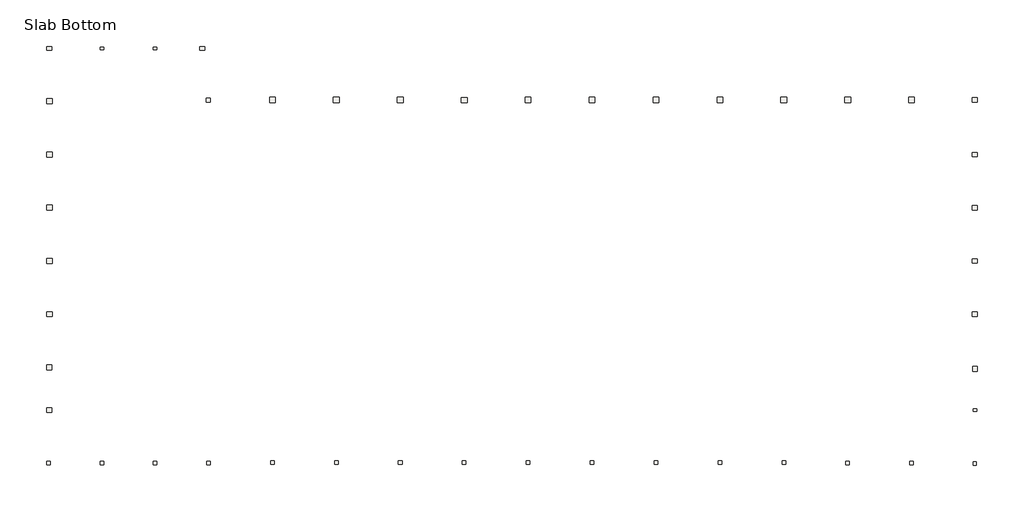
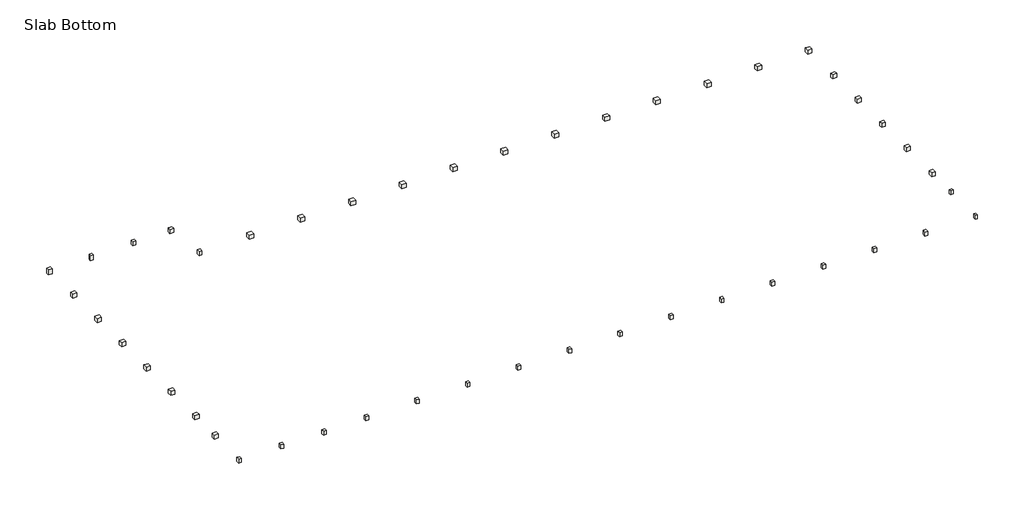
# One storey: 46 slabs.
"""IFC4 building model written with IfcOpenShell, lengths in millimetres."""

from ifc_helpers import new_model, si_unit, frame, origin, place, context, project, spatial, polyline, outline, extrude, element, save

model = new_model("IFC4")

# Units and contexts
model_context = context("Model", 3, world=origin())
ifc_project = project(units=[si_unit("LENGTHUNIT", "METRE", prefix="MILLI")], contexts=[model_context])

# Site, building, storey
site = spatial("IfcSite", under=ifc_project)
building = spatial("IfcBuilding", under=site)
storey = spatial("IfcBuildingStorey", under=building, Name="Slab Bottom", Elevation=-152.4)

# Slabs
placement = place(None, origin())
element("IfcSlab", 1, ObjectType="Footing-Rectangular : P1", at=placement, inside=storey, context=model_context, shape_type="SweptSolid", body=[
    extrude(outline(polyline([(411246.7398264, -572441.1413841), (411602.3398264, -572441.1413841), (411602.3398264, -572745.9413841), (411246.7398264, -572745.9413841), (411246.7398264, -572441.1413841)])), frame((0.0, 0.0, -914.4), z_axis=(0.0, 0.0, 1.0), x_axis=(1.0, 0.0, 0.0)), (0.0, 0.0, 1.0), 609.6),
])
element("IfcSlab", 2, ObjectType="Footing-Rectangular : P11", at=placement, inside=storey, context=model_context, shape_type="SweptSolid", body=[
    extrude(outline(polyline([(411126.0898264, -549562.0913841), (411126.0898264, -549054.0913841), (411684.8898264, -549054.0913841), (411684.8898264, -549562.0913841), (411126.0898264, -549562.0913841)])), frame((0.0, 0.0, -914.4), z_axis=(0.0, 0.0, 1.0), x_axis=(1.0, 0.0, 0.0)), (0.0, 0.0, 1.0), 609.6),
])
element("IfcSlab", 3, ObjectType="Footing-Rectangular : P11A", at=placement, inside=storey, context=model_context, shape_type="SweptSolid", body=[
    extrude(outline(polyline([(411126.0898264, -561817.5913841), (411126.0898264, -561309.5913841), (411684.8898264, -561309.5913841), (411684.8898264, -561817.5913841), (411126.0898264, -561817.5913841)])), frame((0.0, 0.0, -914.4), z_axis=(0.0, 0.0, 1.0), x_axis=(1.0, 0.0, 0.0)), (0.0, 0.0, 1.0), 609.6),
])
element("IfcSlab", 4, ObjectType="Footing-Rectangular : P12", at=placement, inside=storey, context=model_context, shape_type="SweptSolid", body=[
    extrude(outline(polyline([(304649.2898264, -537331.9913841), (304649.2898264, -536773.1913841), (305258.8898264, -536773.1913841), (305258.8898264, -537331.9913841), (304649.2898264, -537331.9913841)])), frame((0.0, 0.0, -914.4), z_axis=(0.0, 0.0, 1.0), x_axis=(1.0, 0.0, 0.0)), (0.0, 0.0, 1.0), 609.6),
])
element("IfcSlab", 5, ObjectType="Footing-Rectangular : P12", at=placement, inside=storey, context=model_context, shape_type="SweptSolid", body=[
    extrude(outline(polyline([(304649.2898264, -543459.7413841), (304649.2898264, -542900.9413841), (305258.8898264, -542900.9413841), (305258.8898264, -543459.7413841), (304649.2898264, -543459.7413841)])), frame((0.0, 0.0, -914.4), z_axis=(0.0, 0.0, 1.0), x_axis=(1.0, 0.0, 0.0)), (0.0, 0.0, 1.0), 609.6),
])
element("IfcSlab", 6, ObjectType="Footing-Rectangular : P12", at=placement, inside=storey, context=model_context, shape_type="SweptSolid", body=[
    extrude(outline(polyline([(304649.2898264, -549587.4913841), (304649.2898264, -549028.6913841), (305258.8898264, -549028.6913841), (305258.8898264, -549587.4913841), (304649.2898264, -549587.4913841)])), frame((0.0, 0.0, -914.4), z_axis=(0.0, 0.0, 1.0), x_axis=(1.0, 0.0, 0.0)), (0.0, 0.0, 1.0), 609.6),
])
element("IfcSlab", 7, ObjectType="Footing-Rectangular : P12", at=placement, inside=storey, context=model_context, shape_type="SweptSolid", body=[
    extrude(outline(polyline([(304649.2898264, -555715.2413841), (304649.2898264, -555156.4413841), (305258.8898264, -555156.4413841), (305258.8898264, -555715.2413841), (304649.2898264, -555715.2413841)])), frame((0.0, 0.0, -914.4), z_axis=(0.0, 0.0, 1.0), x_axis=(1.0, 0.0, 0.0)), (0.0, 0.0, 1.0), 609.6),
])
element("IfcSlab", 8, ObjectType="Footing-Rectangular : P12", at=placement, inside=storey, context=model_context, shape_type="SweptSolid", body=[
    extrude(outline(polyline([(304649.2898264, -561842.9913841), (304649.2898264, -561284.1913841), (305258.8898264, -561284.1913841), (305258.8898264, -561842.9913841), (304649.2898264, -561842.9913841)])), frame((0.0, 0.0, -914.4), z_axis=(0.0, 0.0, 1.0), x_axis=(1.0, 0.0, 0.0)), (0.0, 0.0, 1.0), 609.6),
])
element("IfcSlab", 9, ObjectType="Footing-Rectangular : P12", at=placement, inside=storey, context=model_context, shape_type="SweptSolid", body=[
    extrude(outline(polyline([(304623.8898264, -567970.7413841), (304623.8898264, -567411.9413841), (305233.4898264, -567411.9413841), (305233.4898264, -567970.7413841), (304623.8898264, -567970.7413841)])), frame((0.0, 0.0, -914.4), z_axis=(0.0, 0.0, 1.0), x_axis=(1.0, 0.0, 0.0)), (0.0, 0.0, 1.0), 609.6),
])
element("IfcSlab", 10, ObjectType="Footing-Rectangular : P13", at=placement, inside=storey, context=model_context, shape_type="SweptSolid", body=[
    extrude(outline(polyline([(403777.974756, -536594.2315281), (404438.374756, -536594.2315281), (404438.374756, -537203.8315281), (403777.974756, -537203.8315281), (403777.974756, -536594.2315281)])), frame((0.0, 0.0, -914.4), z_axis=(0.0, 0.0, 1.0), x_axis=(1.0, 0.0, 0.0)), (0.0, 0.0, 1.0), 609.6),
])
element("IfcSlab", 11, ObjectType="Footing-Rectangular : P13", at=placement, inside=storey, context=model_context, shape_type="SweptSolid", body=[
    extrude(outline(polyline([(396451.2398264, -536601.7413358), (397111.6398264, -536601.7413358), (397111.6398264, -537211.3413358), (396451.2398264, -537211.3413358), (396451.2398264, -536601.7413358)])), frame((0.0, 0.0, -914.4), z_axis=(0.0, 0.0, 1.0), x_axis=(1.0, 0.0, 0.0)), (0.0, 0.0, 1.0), 609.6),
])
element("IfcSlab", 12, ObjectType="Footing-Rectangular : P13", at=placement, inside=storey, context=model_context, shape_type="SweptSolid", body=[
    extrude(outline(polyline([(389097.9398264, -536601.7413358), (389758.3398264, -536601.7413358), (389758.3398264, -537211.3413358), (389097.9398264, -537211.3413358), (389097.9398264, -536601.7413358)])), frame((0.0, 0.0, -914.4), z_axis=(0.0, 0.0, 1.0), x_axis=(1.0, 0.0, 0.0)), (0.0, 0.0, 1.0), 609.6),
])
element("IfcSlab", 13, ObjectType="Footing-Rectangular : P13", at=placement, inside=storey, context=model_context, shape_type="SweptSolid", body=[
    extrude(outline(polyline([(381744.6398264, -536601.7413358), (382405.0398264, -536601.7413358), (382405.0398264, -537211.3413358), (381744.6398264, -537211.3413358), (381744.6398264, -536601.7413358)])), frame((0.0, 0.0, -914.4), z_axis=(0.0, 0.0, 1.0), x_axis=(1.0, 0.0, 0.0)), (0.0, 0.0, 1.0), 609.6),
])
element("IfcSlab", 14, ObjectType="Footing-Rectangular : P13", at=placement, inside=storey, context=model_context, shape_type="SweptSolid", body=[
    extrude(outline(polyline([(374391.3398264, -536601.7413358), (375051.7398264, -536601.7413358), (375051.7398264, -537211.3413358), (374391.3398264, -537211.3413358), (374391.3398264, -536601.7413358)])), frame((0.0, 0.0, -914.4), z_axis=(0.0, 0.0, 1.0), x_axis=(1.0, 0.0, 0.0)), (0.0, 0.0, 1.0), 609.6),
])
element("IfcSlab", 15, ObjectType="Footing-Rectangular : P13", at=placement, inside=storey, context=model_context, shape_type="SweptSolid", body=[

········

> [Problem]: All that is needed is a number: how many lines in the data above contain the string "contexts".

> [Answer to the problem]: 2